Exercise brief
Using the records below, give again exactly the lines from the line that contains "doc.linetypes.add('HIDDEN', pattern=[0.375, 0.25, -0.125])" through the line that contains "each defined once", both ends included, and only those.

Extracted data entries
——
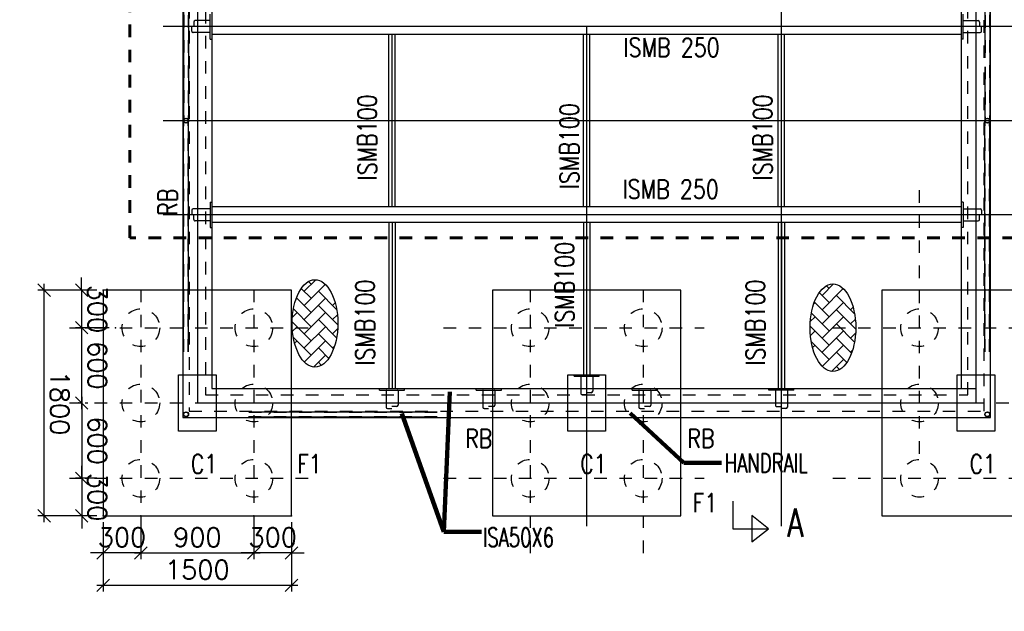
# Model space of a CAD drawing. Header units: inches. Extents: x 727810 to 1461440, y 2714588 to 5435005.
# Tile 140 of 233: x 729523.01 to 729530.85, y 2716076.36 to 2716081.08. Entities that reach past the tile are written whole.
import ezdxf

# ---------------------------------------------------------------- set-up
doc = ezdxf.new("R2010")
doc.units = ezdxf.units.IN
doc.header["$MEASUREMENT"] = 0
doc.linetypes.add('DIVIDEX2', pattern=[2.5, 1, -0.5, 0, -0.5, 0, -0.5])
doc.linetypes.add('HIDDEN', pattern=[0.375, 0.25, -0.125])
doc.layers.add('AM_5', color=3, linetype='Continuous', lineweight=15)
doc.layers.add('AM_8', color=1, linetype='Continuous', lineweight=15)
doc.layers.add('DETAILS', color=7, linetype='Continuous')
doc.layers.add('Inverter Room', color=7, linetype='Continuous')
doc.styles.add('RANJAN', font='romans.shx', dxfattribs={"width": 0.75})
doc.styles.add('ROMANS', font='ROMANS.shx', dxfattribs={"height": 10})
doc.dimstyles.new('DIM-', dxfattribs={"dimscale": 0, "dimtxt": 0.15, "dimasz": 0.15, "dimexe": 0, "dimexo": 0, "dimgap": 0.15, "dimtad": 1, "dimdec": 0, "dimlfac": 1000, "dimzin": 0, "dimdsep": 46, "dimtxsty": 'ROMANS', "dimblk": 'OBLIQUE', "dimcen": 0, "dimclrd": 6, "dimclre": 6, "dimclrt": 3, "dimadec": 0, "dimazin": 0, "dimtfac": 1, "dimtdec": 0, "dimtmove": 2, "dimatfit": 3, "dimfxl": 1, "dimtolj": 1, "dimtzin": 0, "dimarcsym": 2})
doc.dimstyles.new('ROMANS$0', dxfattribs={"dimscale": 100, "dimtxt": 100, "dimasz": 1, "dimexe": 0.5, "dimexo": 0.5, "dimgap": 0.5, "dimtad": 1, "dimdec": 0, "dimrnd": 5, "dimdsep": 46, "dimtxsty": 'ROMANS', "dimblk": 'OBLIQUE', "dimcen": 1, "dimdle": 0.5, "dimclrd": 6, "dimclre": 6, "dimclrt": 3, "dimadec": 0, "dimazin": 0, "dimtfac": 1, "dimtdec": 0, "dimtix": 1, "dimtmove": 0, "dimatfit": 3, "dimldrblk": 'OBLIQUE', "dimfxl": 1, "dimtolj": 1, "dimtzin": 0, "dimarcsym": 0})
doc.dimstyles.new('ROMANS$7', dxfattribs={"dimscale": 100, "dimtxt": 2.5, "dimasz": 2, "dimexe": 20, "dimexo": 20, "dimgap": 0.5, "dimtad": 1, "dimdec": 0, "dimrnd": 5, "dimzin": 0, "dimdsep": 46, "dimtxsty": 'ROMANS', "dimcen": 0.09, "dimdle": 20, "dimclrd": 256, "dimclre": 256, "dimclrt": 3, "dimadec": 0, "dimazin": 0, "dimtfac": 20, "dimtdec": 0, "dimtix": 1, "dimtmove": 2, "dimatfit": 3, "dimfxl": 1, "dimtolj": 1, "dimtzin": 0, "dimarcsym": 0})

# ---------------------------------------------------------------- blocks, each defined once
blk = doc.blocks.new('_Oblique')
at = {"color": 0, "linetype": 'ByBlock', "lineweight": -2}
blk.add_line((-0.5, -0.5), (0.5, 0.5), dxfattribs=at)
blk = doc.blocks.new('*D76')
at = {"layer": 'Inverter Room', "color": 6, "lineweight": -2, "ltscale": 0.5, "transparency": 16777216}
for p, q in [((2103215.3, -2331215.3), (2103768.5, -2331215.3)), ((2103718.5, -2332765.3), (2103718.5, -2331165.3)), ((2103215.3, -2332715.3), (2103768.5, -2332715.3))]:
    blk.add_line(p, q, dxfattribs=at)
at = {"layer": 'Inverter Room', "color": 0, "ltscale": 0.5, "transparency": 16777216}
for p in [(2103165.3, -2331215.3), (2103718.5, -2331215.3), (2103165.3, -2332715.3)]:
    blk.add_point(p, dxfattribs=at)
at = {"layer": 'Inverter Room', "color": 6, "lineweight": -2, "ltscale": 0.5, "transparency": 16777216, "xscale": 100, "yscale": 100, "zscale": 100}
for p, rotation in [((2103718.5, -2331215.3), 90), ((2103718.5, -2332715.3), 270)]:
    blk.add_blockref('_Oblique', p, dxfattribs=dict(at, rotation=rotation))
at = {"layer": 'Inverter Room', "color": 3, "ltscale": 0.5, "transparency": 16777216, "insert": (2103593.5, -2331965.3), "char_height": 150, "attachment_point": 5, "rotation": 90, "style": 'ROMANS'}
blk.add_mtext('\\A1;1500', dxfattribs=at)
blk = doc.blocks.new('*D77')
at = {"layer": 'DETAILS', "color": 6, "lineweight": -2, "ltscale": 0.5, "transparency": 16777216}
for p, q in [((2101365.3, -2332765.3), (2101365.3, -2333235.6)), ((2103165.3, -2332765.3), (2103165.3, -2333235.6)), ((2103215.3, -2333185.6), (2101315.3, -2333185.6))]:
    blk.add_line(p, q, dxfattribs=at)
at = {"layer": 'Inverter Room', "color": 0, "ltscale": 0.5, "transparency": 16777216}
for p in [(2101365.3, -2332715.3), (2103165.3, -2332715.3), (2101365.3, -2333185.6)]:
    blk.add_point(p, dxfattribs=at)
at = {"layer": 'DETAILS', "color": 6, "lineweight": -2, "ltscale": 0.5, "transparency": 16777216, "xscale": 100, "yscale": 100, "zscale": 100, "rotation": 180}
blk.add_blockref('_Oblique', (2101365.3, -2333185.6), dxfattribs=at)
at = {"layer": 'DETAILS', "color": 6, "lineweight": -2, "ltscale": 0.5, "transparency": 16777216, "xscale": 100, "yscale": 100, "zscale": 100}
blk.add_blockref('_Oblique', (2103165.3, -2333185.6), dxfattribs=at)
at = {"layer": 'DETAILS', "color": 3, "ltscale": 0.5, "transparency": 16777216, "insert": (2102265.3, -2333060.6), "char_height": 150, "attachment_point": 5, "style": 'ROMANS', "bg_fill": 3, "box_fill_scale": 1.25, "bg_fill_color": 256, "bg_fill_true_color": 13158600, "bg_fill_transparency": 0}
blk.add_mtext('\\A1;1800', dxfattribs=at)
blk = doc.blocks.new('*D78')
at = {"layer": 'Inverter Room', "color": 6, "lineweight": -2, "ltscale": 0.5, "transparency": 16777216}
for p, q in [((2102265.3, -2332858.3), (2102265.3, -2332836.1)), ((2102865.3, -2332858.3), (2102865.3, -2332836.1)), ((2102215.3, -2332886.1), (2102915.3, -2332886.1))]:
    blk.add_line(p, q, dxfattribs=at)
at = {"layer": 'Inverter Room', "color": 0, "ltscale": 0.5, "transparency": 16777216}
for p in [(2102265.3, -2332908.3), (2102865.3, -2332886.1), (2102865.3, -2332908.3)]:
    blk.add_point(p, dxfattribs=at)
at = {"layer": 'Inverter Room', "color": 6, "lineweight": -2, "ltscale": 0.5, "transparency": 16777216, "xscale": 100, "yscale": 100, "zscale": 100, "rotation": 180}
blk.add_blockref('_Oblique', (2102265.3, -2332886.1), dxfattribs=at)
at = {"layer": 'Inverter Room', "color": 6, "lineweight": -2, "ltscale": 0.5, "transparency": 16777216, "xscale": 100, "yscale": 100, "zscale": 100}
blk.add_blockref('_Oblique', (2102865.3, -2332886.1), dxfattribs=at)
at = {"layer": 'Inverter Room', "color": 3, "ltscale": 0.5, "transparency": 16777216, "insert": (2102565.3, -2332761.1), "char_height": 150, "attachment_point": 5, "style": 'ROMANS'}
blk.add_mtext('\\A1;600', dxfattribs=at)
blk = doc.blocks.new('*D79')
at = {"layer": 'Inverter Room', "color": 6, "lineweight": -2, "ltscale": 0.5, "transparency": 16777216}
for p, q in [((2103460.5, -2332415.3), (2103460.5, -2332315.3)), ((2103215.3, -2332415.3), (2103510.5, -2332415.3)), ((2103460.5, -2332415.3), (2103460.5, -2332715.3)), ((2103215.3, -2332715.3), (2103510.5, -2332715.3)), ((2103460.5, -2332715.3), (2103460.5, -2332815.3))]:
——
Task answer
doc.linetypes.add('HIDDEN', pattern=[0.375, 0.25, -0.125])
doc.layers.add('AM_5', color=3, linetype='Continuous', lineweight=15)
doc.layers.add('AM_8', color=1, linetype='Continuous', lineweight=15)
doc.layers.add('DETAILS', color=7, linetype='Continuous')
doc.layers.add('Inverter Room', color=7, linetype='Continuous')
doc.styles.add('RANJAN', font='romans.shx', dxfattribs={"width": 0.75})
doc.styles.add('ROMANS', font='ROMANS.shx', dxfattribs={"height": 10})
doc.dimstyles.new('DIM-', dxfattribs={"dimscale": 0, "dimtxt": 0.15, "dimasz": 0.15, "dimexe": 0, "dimexo": 0, "dimgap": 0.15, "dimtad": 1, "dimdec": 0, "dimlfac": 1000, "dimzin": 0, "dimdsep": 46, "dimtxsty": 'ROMANS', "dimblk": 'OBLIQUE', "dimcen": 0, "dimclrd": 6, "dimclre": 6, "dimclrt": 3, "dimadec": 0, "dimazin": 0, "dimtfac": 1, "dimtdec": 0, "dimtmove": 2, "dimatfit": 3, "dimfxl": 1, "dimtolj": 1, "dimtzin": 0, "dimarcsym": 2})
doc.dimstyles.new('ROMANS$0', dxfattribs={"dimscale": 100, "dimtxt": 100, "dimasz": 1, "dimexe": 0.5, "dimexo": 0.5, "dimgap": 0.5, "dimtad": 1, "dimdec": 0, "dimrnd": 5, "dimdsep": 46, "dimtxsty": 'ROMANS', "dimblk": 'OBLIQUE', "dimcen": 1, "dimdle": 0.5, "dimclrd": 6, "dimclre": 6, "dimclrt": 3, "dimadec": 0, "dimazin": 0, "dimtfac": 1, "dimtdec": 0, "dimtix": 1, "dimtmove": 0, "dimatfit": 3, "dimldrblk": 'OBLIQUE', "dimfxl": 1, "dimtolj": 1, "dimtzin": 0, "dimarcsym": 0})
doc.dimstyles.new('ROMANS$7', dxfattribs={"dimscale": 100, "dimtxt": 2.5, "dimasz": 2, "dimexe": 20, "dimexo": 20, "dimgap": 0.5, "dimtad": 1, "dimdec": 0, "dimrnd": 5, "dimzin": 0, "dimdsep": 46, "dimtxsty": 'ROMANS', "dimcen": 0.09, "dimdle": 20, "dimclrd": 256, "dimclre": 256, "dimclrt": 3, "dimadec": 0, "dimazin": 0, "dimtfac": 20, "dimtdec": 0, "dimtix": 1, "dimtmove": 2, "dimatfit": 3, "dimfxl": 1, "dimtolj": 1, "dimtzin": 0, "dimarcsym": 0})

# ---------------------------------------------------------------- blocks, each defined once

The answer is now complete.